The bottom line is that anybody interested in and representing competency in business forecasting should spend some time studying the various types of exponential smoothing and the various means to arrive at estimates of their parameters.

For some reason, exponential smoothing reaches deep into actual process in data generation and consistently produces valuable insights into outcomes.

Exponential Smoothing – Black Box Examples

The reason why most people would be interested in and concerned with exponential smoothing (ES) is that it is an effective forecasting technique.

So, with that in mind, I want to discuss two automatic forecasting programs – Forecast Pro and Hyndman’s Forecast program for R – applied to a monthly time series for public construction spending in the US. I do this more or less “black box” in that I am not spending a lot of time on the underlying theory – which is basically a state space model framework – but focus on the process of getting the forecasts and their comparison.

I am testing these programs with a backcasting exercise. Thus, the data for this time series, available from FRED begin January 1993 and extend through May 2014. However, I only use data up to May 2010 to develop forecasting models with these programs. Then, I can compare the forecasts from the models with actual values. So instead of forecasting, you might say I am backcasting. Sometimes this is also called retrodiction, in contrast to prediction.


My plan is to feed both programs data up to and including May 2010, in order to forecast values for the next 24 months.

Forecast Pro

Data input is the first step, and this can be accomplished with Forecast Pro by means of an Excel spreadsheet. There are requirements for how you lay out the data. Basically, the first column, below the first six rows, can contain dates. The first time series is placed in the second column, after noting its name and description, the starting year, starting period (month, quarter, etc), periods per year, and any information on cycles. Then, of course, you store the spreadsheet in a directory where the program can pick it up – but all that is covered in the Forecast Pro manual.

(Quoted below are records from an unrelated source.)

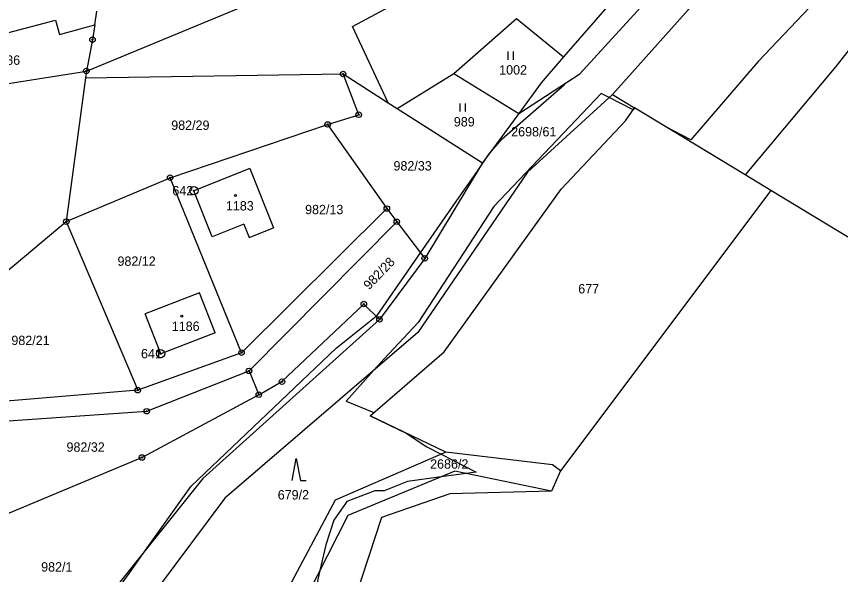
# Model space of a CAD drawing. Extents: x -439246 to -433691, y -1130252 to -1121148.
# Drawn here: x -437973 to -437823.2, y -1124324.9 to -1124223.5 of the extents above; entities that cross this region are included whole.
import ezdxf

# ---------------------------------------------------------------- set-up
doc = ezdxf.new("R2010")
doc.units = 0
for name, color, linetype in [('Vrstva 1', 7, 'Continuous'), ('Vrstva 16', 7, 'Continuous'), ('Vrstva 17', 7, 'Continuous'), ('Vrstva 18', 7, 'Continuous'), ('Vrstva 19', 7, 'Continuous'), ('Vrstva 24', 7, 'Continuous'), ('Vrstva 25', 7, 'Continuous'), ('Vrstva 3', 7, 'Continuous'), ('Vrstva 37', 7, 'Continuous'), ('Vrstva 52', 7, 'Continuous'), ('Vrstva 6', 7, 'Continuous')]:
    doc.layers.add(name, color=color, linetype=linetype)

msp = doc.modelspace()

# ---------------------------------------------------------------- linework, layer by layer
at = {"layer": 'Vrstva 1'}
for points in [[(-437864.67, -1124237.67), (-437830.95, -1124199.98)], [(-437911.95, -1124225.34), (-437885.93, -1124211.33)], [(-437856.56, -1124211.29), (-437873.55, -1124230.87)], [(-437870.61, -1124233.92), (-437852.34, -1124213.96)], [(-437960.31, -1124233.42), (-437916.03, -1124215.11)], [(-437811.23, -1124216.33), (-437824.07, -1124232.59)], [(-437958.79, -1124225.04), (-437958.42, -1124222.54)], [(-437990.99, -1124230.76), (-437965.91, -1124224.17)], [(-437965.91, -1124224.17), (-437965.22, -1124226.76)], [(-437965.22, -1124226.76), (-437958.79, -1124225.04)], [(-437958.79, -1124225.04), (-437959.19, -1124227.72)], [(-437893.51, -1124233.84), (-437882.1, -1124223.88)], [(-437882.1, -1124223.88), (-437873.55, -1124230.87)], [(-437905.43, -1124239.18), (-437911.95, -1124225.34)], [(-437959.19, -1124227.72), (-437960.31, -1124233.42)], [(-437873.55, -1124230.87), (-437877.61, -1124235.55)], [(-437824.07, -1124232.59), (-437840.56, -1124252.27)], [(-437991.49, -1124238.36), (-437960.31, -1124233.42)], [(-437960.31, -1124233.42), (-437960.47, -1124234.63)], [(-437960.47, -1124234.63), (-437913.63, -1124233.96)], [(-437913.63, -1124233.96), (-437905.43, -1124239.18)], [(-437910.79, -1124241.36), (-437913.63, -1124233.96)], [(-437903.79, -1124240.23), (-437893.51, -1124233.84)], [(-437893.51, -1124233.84), (-437881.7, -1124241.11)], [(-437881.7, -1124241.11), (-437870.61, -1124233.92)], [(-437960.47, -1124234.63), (-437963.96, -1124260.77)], [(-437877.61, -1124235.55), (-437881.7, -1124241.11)], [(-437864.67, -1124237.67), (-437880.13, -1124251.8)], [(-437905.43, -1124239.18), (-437903.79, -1124240.23)], [(-437903.79, -1124240.23), (-437888.29, -1124250.07)], [(-437862.28, -1124242.46), (-437860.64, -1124240.11)], [(-437840.56, -1124252.27), (-437860.64, -1124240.11)], [(-437916.45, -1124243.12), (-437910.79, -1124241.36)], [(-437881.7, -1124241.11), (-437888.29, -1124250.07)], [(-437945.08, -1124252.79), (-437916.45, -1124243.12)], [(-437916.45, -1124243.12), (-437905.68, -1124258.4)], [(-437873.97, -1124254.9), (-437862.28, -1124242.46)], [(-437888.29, -1124250.07), (-437898.79, -1124267.44)], [(-437930.59, -1124251.11), (-437940.75, -1124255.18)], [(-437930.59, -1124251.11), (-437926.29, -1124261.87)], [(-437880.13, -1124251.8), (-437900.05, -1124280.91)], [(-437835.84, -1124255.13), (-437840.56, -1124252.27)], [(-437963.96, -1124260.77), (-437945.08, -1124252.79)], [(-437932.09, -1124284.58), (-437945.08, -1124252.79)], [(-437937.42, -1124263.51), (-437940.75, -1124255.18)], [(-437895.28, -1124284.42), (-437873.97, -1124254.9)], [(-437835.84, -1124255.13), (-437874.12, -1124306.05)], [(-437810.12, -1124270.69), (-437835.84, -1124255.13)], [(-437905.68, -1124258.4), (-437932.09, -1124284.58)], [(-437905.68, -1124258.4), (-437903.87, -1124260.8)], [(-437996.6, -1124288.08), (-437963.96, -1124260.77)], [(-437963.96, -1124260.77), (-437950.96, -1124291.38)], [(-437931.68, -1124261.21), (-437937.42, -1124263.51)], [(-437931.68, -1124261.21), (-437930.71, -1124263.64)], [(-437930.73, -1124287.88), (-437903.87, -1124260.8)], [(-437903.87, -1124260.8), (-437898.79, -1124267.44)], [(-437930.71, -1124263.64), (-437926.29, -1124261.87)], [(-437898.79, -1124267.44), (-437907.02, -1124278.54)], [(-437939.71, -1124273.7), (-437949.61, -1124277.51)], [(-437936.9, -1124281), (-437939.71, -1124273.7)], [(-437924.75, -1124289.83), (-437909.86, -1124275.74)], [(-437909.86, -1124275.74), (-437907.02, -1124278.54)], [(-437946.77, -1124284.8), (-437949.61, -1124277.51)], [(-437907.02, -1124278.54), (-437939.12, -1124307.45)], [(-437936.9, -1124281), (-437946.77, -1124284.8)], [(-437900.05, -1124280.91), (-437935.16, -1124311)], [(-437932.09, -1124284.58), (-437950.96, -1124291.38)], [(-437908.73, -1124296.02), (-437895.28, -1124284.42)], [(-437949.33, -1124295.21), (-437930.73, -1124287.88)], [(-437930.73, -1124287.88), (-437928.96, -1124292.21)], [(-437928.96, -1124292.21), (-437924.75, -1124289.83)], [(-437950.96, -1124291.38), (-437997.33, -1124295.28)], [(-437928.96, -1124292.21), (-437950.19, -1124303.61)], [(-437976.29, -1124297.1), (-437949.33, -1124295.21)], [(-437894.96, -1124302.62), (-437908.73, -1124296.02)], [(-437894.96, -1124302.62), (-437915.09, -1124311.34)], [(-437875.57, -1124304.96), (-437894.96, -1124302.62)], [(-437950.19, -1124303.61), (-437975.08, -1124314.02)], [(-437893.31, -1124306.11), (-437912.75, -1124314.16)], [(-437875.77, -1124309.73), (-437893.31, -1124306.11)], [(-437874.12, -1124306.05), (-437875.77, -1124309.73)], [(-437874.12, -1124306.05), (-437875.57, -1124304.96)], [(-437939.12, -1124307.45), (-437970.53, -1124346.61)], [(-437894.22, -1124310.19), (-437906.65, -1124314.53)], [(-437875.77, -1124309.73), (-437894.22, -1124310.19)], [(-437935.16, -1124311), (-437962.59, -1124347.76)], [(-437915.09, -1124311.34), (-437923.98, -1124328.06)], [(-437912.75, -1124314.16), (-437920.22, -1124328.8)], [(-437906.65, -1124314.53), (-437912.6, -1124332.6)]]:
    msp.add_lwpolyline(points, dxfattribs=at)
at = {"layer": 'Vrstva 24'}
for centre, radius in [((-437959.19, -1124227.72), 0.5), ((-437959.19, -1124227.72), 0.1), ((-437960.31, -1124233.42), 0.5), ((-437960.31, -1124233.42), 0.1), ((-437913.63, -1124233.96), 0.5), ((-437913.63, -1124233.96), 0.1), ((-437910.79, -1124241.36), 0.5), ((-437910.79, -1124241.36), 0.1), ((-437916.45, -1124243.12), 0.5), ((-437916.45, -1124243.12), 0.1), ((-437945.08, -1124252.79), 0.5), ((-437945.08, -1124252.79), 0.1), ((-437940.76, -1124255.16), 0.75), ((-437940.76, -1124255.16), 0.1), ((-437905.68, -1124258.4), 0.5), ((-437905.68, -1124258.4), 0.1), ((-437963.96, -1124260.77), 0.5), ((-437963.96, -1124260.77), 0.1), ((-437903.87, -1124260.8), 0.5), ((-437903.87, -1124260.8), 0.1), ((-437898.79, -1124267.44), 0.5), ((-437898.79, -1124267.44), 0.1), ((-437909.86, -1124275.74), 0.5), ((-437909.86, -1124275.74), 0.1), ((-437907.02, -1124278.54), 0.5), ((-437907.02, -1124278.54), 0.1), ((-437946.81, -1124284.75), 0.75), ((-437946.81, -1124284.75), 0.1), ((-437932.09, -1124284.58), 0.5), ((-437932.09, -1124284.58), 0.1), ((-437930.73, -1124287.88), 0.5), ((-437930.73, -1124287.88), 0.1), ((-437924.75, -1124289.83), 0.5), ((-437924.75, -1124289.83), 0.1), ((-437950.96, -1124291.38), 0.5), ((-437950.96, -1124291.38), 0.1), ((-437928.96, -1124292.21), 0.5), ((-437928.96, -1124292.21), 0.1), ((-437949.33, -1124295.21), 0.5), ((-437949.33, -1124295.21), 0.1), ((-437950.19, -1124303.61), 0.5), ((-437950.19, -1124303.61), 0.1)]:
    msp.add_circle(centre, radius, dxfattribs=at)
at = {"layer": 'Vrstva 25'}
for p, q in [((-437883.63, -1124231.36), (-437883.63, -1124229.86)), ((-437882.63, -1124231.36), (-437882.63, -1124229.86)), ((-437892.35, -1124240.79), (-437892.35, -1124239.29)), ((-437891.35, -1124240.79), (-437891.35, -1124239.29))]:
    msp.add_line(p, q, dxfattribs=at)
msp.add_lwpolyline([(-437922.87, -1124307.79), (-437922.17, -1124303.79), (-437921.37, -1124307.79), (-437920.37, -1124307.79)], dxfattribs=at)
for centre in [(-437933.18, -1124256.05), (-437942.97, -1124277.92)]:
    msp.add_circle(centre, 0.175, dxfattribs=at)
at = {"layer": 'Vrstva 3'}
for points in [[(-437930.59, -1124251.11), (-437940.75, -1124255.18)], [(-437930.59, -1124251.11), (-437926.29, -1124261.87)], [(-437937.42, -1124263.51), (-437940.75, -1124255.18)], [(-437931.68, -1124261.21), (-437937.42, -1124263.51)], [(-437931.68, -1124261.21), (-437930.71, -1124263.64)], [(-437930.71, -1124263.64), (-437926.29, -1124261.87)], [(-437939.71, -1124273.7), (-437949.61, -1124277.51)], [(-437936.9, -1124281), (-437939.71, -1124273.7)], [(-437946.77, -1124284.8), (-437949.61, -1124277.51)], [(-437936.9, -1124281), (-437946.77, -1124284.8)]]:
    msp.add_lwpolyline(points, dxfattribs=at)
at = {"layer": 'Vrstva 37'}
for centre in [(-437933.18, -1124256.05), (-437942.97, -1124277.92)]:
    msp.add_circle(centre, 0.175, dxfattribs=at)
at = {"layer": 'Vrstva 52'}
for points in [[(-437955.67, -1124329.01), (-437952.55, -1124324.65), (-437949.55, -1124320.45), (-437941.23, -1124308.82), (-437914.88, -1124283.75), (-437912.18, -1124281.59), (-437907.62, -1124277.95), (-437907.44, -1124277.8), (-437899.55, -1124266.45), (-437892.53, -1124256.36), (-437889.21, -1124251.61), (-437887.05, -1124248.48), (-437884.71, -1124245.72), (-437873.45, -1124235.95), (-437873.01, -1124235.48), (-437870.61, -1124233.92), (-437852.34, -1124213.96), (-437840.45, -1124201.7), (-437835.42, -1124196.85), (-437816.83, -1124183.73)], [(-437826.49, -1124219.37), (-437838.18, -1124231.7), (-437850.39, -1124245.91), (-437854.94, -1124243.56), (-437860.64, -1124240.11), (-437860.9, -1124240.49), (-437865.28, -1124238.23), (-437866.72, -1124237.49), (-437886.2, -1124258.04), (-437900.01, -1124279.08), (-437906.17, -1124285.67), (-437908.03, -1124287.75), (-437910.05, -1124290.01), (-437913.06, -1124293.37), (-437908.05, -1124295.44), (-437908.73, -1124296.02), (-437902.03, -1124299.23), (-437898.52, -1124301.6), (-437895.82, -1124302.99), (-437889.44, -1124306.29), (-437891.25, -1124306.53), (-437895.83, -1124307.15), (-437901.92, -1124307.97), (-437906.17, -1124309.67), (-437907.87, -1124309.67), (-437912.97, -1124311.59), (-437913.22, -1124311.96), (-437915.3, -1124314.99), (-437916.79, -1124319.45), (-437917.85, -1124324.16), (-437918.94, -1124329.03)]]:
    msp.add_lwpolyline(points, dxfattribs=at)
at = {"layer": 'Vrstva 6'}
msp.add_lwpolyline([(-437864.67, -1124237.67), (-437860.64, -1124240.11)], dxfattribs=at)

# ---------------------------------------------------------------- texts
at = {"layer": 'Vrstva 16'}
msp.add_text('2698/61', height=1.7, dxfattribs=at).set_placement((-437883.07, -1124245.29))
at = {"layer": 'Vrstva 17'}
for s, p in [('642', (-437944.68, -1124256.01)), ('641', (-437950.37, -1124285.6))]:
    msp.add_text(s, height=1.7, dxfattribs=at).set_placement(p)
at = {"layer": 'Vrstva 18'}
for s, p in [('986', (-437976.14, -1124232.29)), ('1002', (-437885.25, -1124234.06)), ('989', (-437893.5, -1124243.49)), ('982/29', (-437944.88, -1124244.11)), ('982/33', (-437904.47, -1124251.49)), ('982/13', (-437920.54, -1124259.43)), ('982/12', (-437954.65, -1124268.8)), ('677', (-437870.88, -1124273.82)), ('982/21', (-437973.94, -1124283.19)), ('982/32', (-437963.92, -1124302.57)), ('2686/2', (-437897.81, -1124305.64)), ('679/2', (-437925.52, -1124311.24)), ('982/1', (-437968.53, -1124324.33))]:
    msp.add_text(s, height=1.7, dxfattribs=at).set_placement(p)
msp.add_text('982/28', height=1.7, rotation=46.2305, dxfattribs=at).set_placement((-437908.89, -1124273.25))
at = {"layer": 'Vrstva 19'}
for s, p in [('1183', (-437934.94, -1124258.75)), ('1186', (-437944.78, -1124280.62))]:
    msp.add_text(s, height=1.7, dxfattribs=at).set_placement(p)

doc.saveas('drawing.dxf')

Here’s what the program panel looks like, after you trigger the automatic forecasting procedure (click to enlarge).


So basically you see a graph of the historic data you are feeding into the program. If you look down to Model Details you will see that expert selection picked a multiplicative Winters linear trend, multiplicative seasonality model. The estimated parameters are then given.

Above this, under Expert Analysis, the screen tells you that it looked at both Box-Jenkins (ARIMA) and ES models, picking the ES model based on out-of-sample tests.

Further down on this screen (not shown), the program lists the forecasts, which are graphed with confidence intervals above (shown).

I’ll discuss these forecasts, but first let me say a few words about the Hyndman R Forecast package analysis.

The Hyndman R Forecast Package

R is very big in some of the enterprise IT outfits. I have friends, for example, who view it as essential, and who have helped me recently come up to speed, to an extent, in using it.

After some fumbling around, I settled on running my R programs in R Studio. There is something called the Comprehensive R Archive Network (CRAN) with important open source R programs. Hyndman et al have their Forecast program listed there, and it pops up in R Studio, which is hugely convenient.

Again, there is an issue of data input. In this case, correctly positioning a csv spreadsheet file works well.

The R code I used to generate ES forecasts is as follows:


Note I screw up the spelling of ExponentialSmooth in naming the subdirectory. Oh well.

So after you import the csv file with the read command, you convert it to a time series format. Then, you can apply the operation ets(.) to the time series file, producing the parameters of the optimal ES model, based on comparisons of Akaike information criteria from the maximum likelihood estimations used to calculate the parameters of all the models.

Forecast selects ETS(M,Ad,M) as the optimal model. This indicates an additive trend is used, but is damped, and that the seasonal effects are multiplicative – more or less as in the Forecast Pro analysis.

The Forecasts

I called for 24 months of forecasts from both programs.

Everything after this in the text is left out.